• **Source records**:
================================

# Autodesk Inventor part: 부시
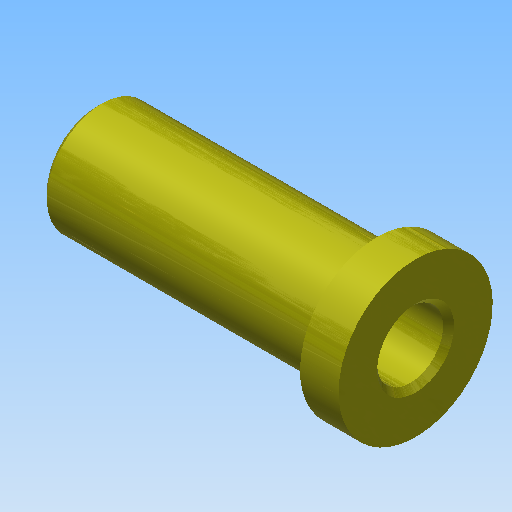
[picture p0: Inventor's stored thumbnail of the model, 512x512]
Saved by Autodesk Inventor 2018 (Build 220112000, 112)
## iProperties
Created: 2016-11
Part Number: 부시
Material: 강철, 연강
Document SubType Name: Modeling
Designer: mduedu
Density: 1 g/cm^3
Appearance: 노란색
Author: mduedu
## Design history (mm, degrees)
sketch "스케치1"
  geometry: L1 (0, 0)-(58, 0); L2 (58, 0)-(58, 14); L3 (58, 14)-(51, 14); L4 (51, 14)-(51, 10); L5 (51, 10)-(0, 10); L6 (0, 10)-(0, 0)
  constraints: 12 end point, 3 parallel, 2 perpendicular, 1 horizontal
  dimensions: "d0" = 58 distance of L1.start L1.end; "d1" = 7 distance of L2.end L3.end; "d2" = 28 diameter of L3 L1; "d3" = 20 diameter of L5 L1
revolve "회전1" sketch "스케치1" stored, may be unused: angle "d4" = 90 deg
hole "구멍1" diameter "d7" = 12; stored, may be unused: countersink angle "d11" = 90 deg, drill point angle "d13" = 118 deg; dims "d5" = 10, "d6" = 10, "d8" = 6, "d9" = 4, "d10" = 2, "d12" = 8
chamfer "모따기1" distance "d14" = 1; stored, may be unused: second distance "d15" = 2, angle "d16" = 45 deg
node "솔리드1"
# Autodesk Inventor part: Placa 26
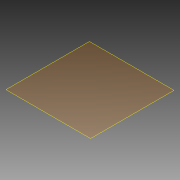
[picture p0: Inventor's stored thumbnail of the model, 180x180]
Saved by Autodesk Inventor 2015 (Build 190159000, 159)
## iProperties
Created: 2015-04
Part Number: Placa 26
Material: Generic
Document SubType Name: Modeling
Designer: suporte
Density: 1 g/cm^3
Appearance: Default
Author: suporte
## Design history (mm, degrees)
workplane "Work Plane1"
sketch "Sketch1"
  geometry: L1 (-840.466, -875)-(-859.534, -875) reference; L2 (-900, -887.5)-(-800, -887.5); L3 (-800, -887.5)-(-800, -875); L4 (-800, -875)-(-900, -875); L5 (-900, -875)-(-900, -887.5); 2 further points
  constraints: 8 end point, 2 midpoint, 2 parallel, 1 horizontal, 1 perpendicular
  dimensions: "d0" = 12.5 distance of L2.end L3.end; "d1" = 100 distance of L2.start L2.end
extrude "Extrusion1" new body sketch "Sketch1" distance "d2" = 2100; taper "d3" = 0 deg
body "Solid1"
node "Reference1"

================================

Each line above is to be transcribed exactly, though its pictures are not.

• **Your solution**:
# Autodesk Inventor part: 부시
[picture p0: Inventor's stored thumbnail of the model, 512x512]
Saved by Autodesk Inventor 2018 (Build 220112000, 112)
## iProperties
Created: 2016-11
Part Number: 부시
Material: 강철, 연강
Document SubType Name: Modeling
Designer: mduedu
Density: 1 g/cm^3
Appearance: 노란색
Author: mduedu
## Design history (mm, degrees)
sketch "스케치1"
  geometry: L1 (0, 0)-(58, 0); L2 (58, 0)-(58, 14); L3 (58, 14)-(51, 14); L4 (51, 14)-(51, 10); L5 (51, 10)-(0, 10); L6 (0, 10)-(0, 0)
  constraints: 12 end point, 3 parallel, 2 perpendicular, 1 horizontal
  dimensions: "d0" = 58 distance of L1.start L1.end; "d1" = 7 distance of L2.end L3.end; "d2" = 28 diameter of L3 L1; "d3" = 20 diameter of L5 L1
revolve "회전1" sketch "스케치1" stored, may be unused: angle "d4" = 90 deg
hole "구멍1" diameter "d7" = 12; stored, may be unused: countersink angle "d11" = 90 deg, drill point angle "d13" = 118 deg; dims "d5" = 10, "d6" = 10, "d8" = 6, "d9" = 4, "d10" = 2, "d12" = 8
chamfer "모따기1" distance "d14" = 1; stored, may be unused: second distance "d15" = 2, angle "d16" = 45 deg
node "솔리드1"
# Autodesk Inventor part: Placa 26
[picture p0: Inventor's stored thumbnail of the model, 180x180]
Saved by Autodesk Inventor 2015 (Build 190159000, 159)
## iProperties
Created: 2015-04
Part Number: Placa 26
Material: Generic
Document SubType Name: Modeling
Designer: suporte
Density: 1 g/cm^3
Appearance: Default
Author: suporte
## Design history (mm, degrees)
workplane "Work Plane1"
sketch "Sketch1"
  geometry: L1 (-840.466, -875)-(-859.534, -875) reference; L2 (-900, -887.5)-(-800, -887.5); L3 (-800, -887.5)-(-800, -875); L4 (-800, -875)-(-900, -875); L5 (-900, -875)-(-900, -887.5); 2 further points
  constraints: 8 end point, 2 midpoint, 2 parallel, 1 horizontal, 1 perpendicular
  dimensions: "d0" = 12.5 distance of L2.end L3.end; "d1" = 100 distance of L2.start L2.end
extrude "Extrusion1" new body sketch "Sketch1" distance "d2" = 2100; taper "d3" = 0 deg
body "Solid1"
node "Reference1"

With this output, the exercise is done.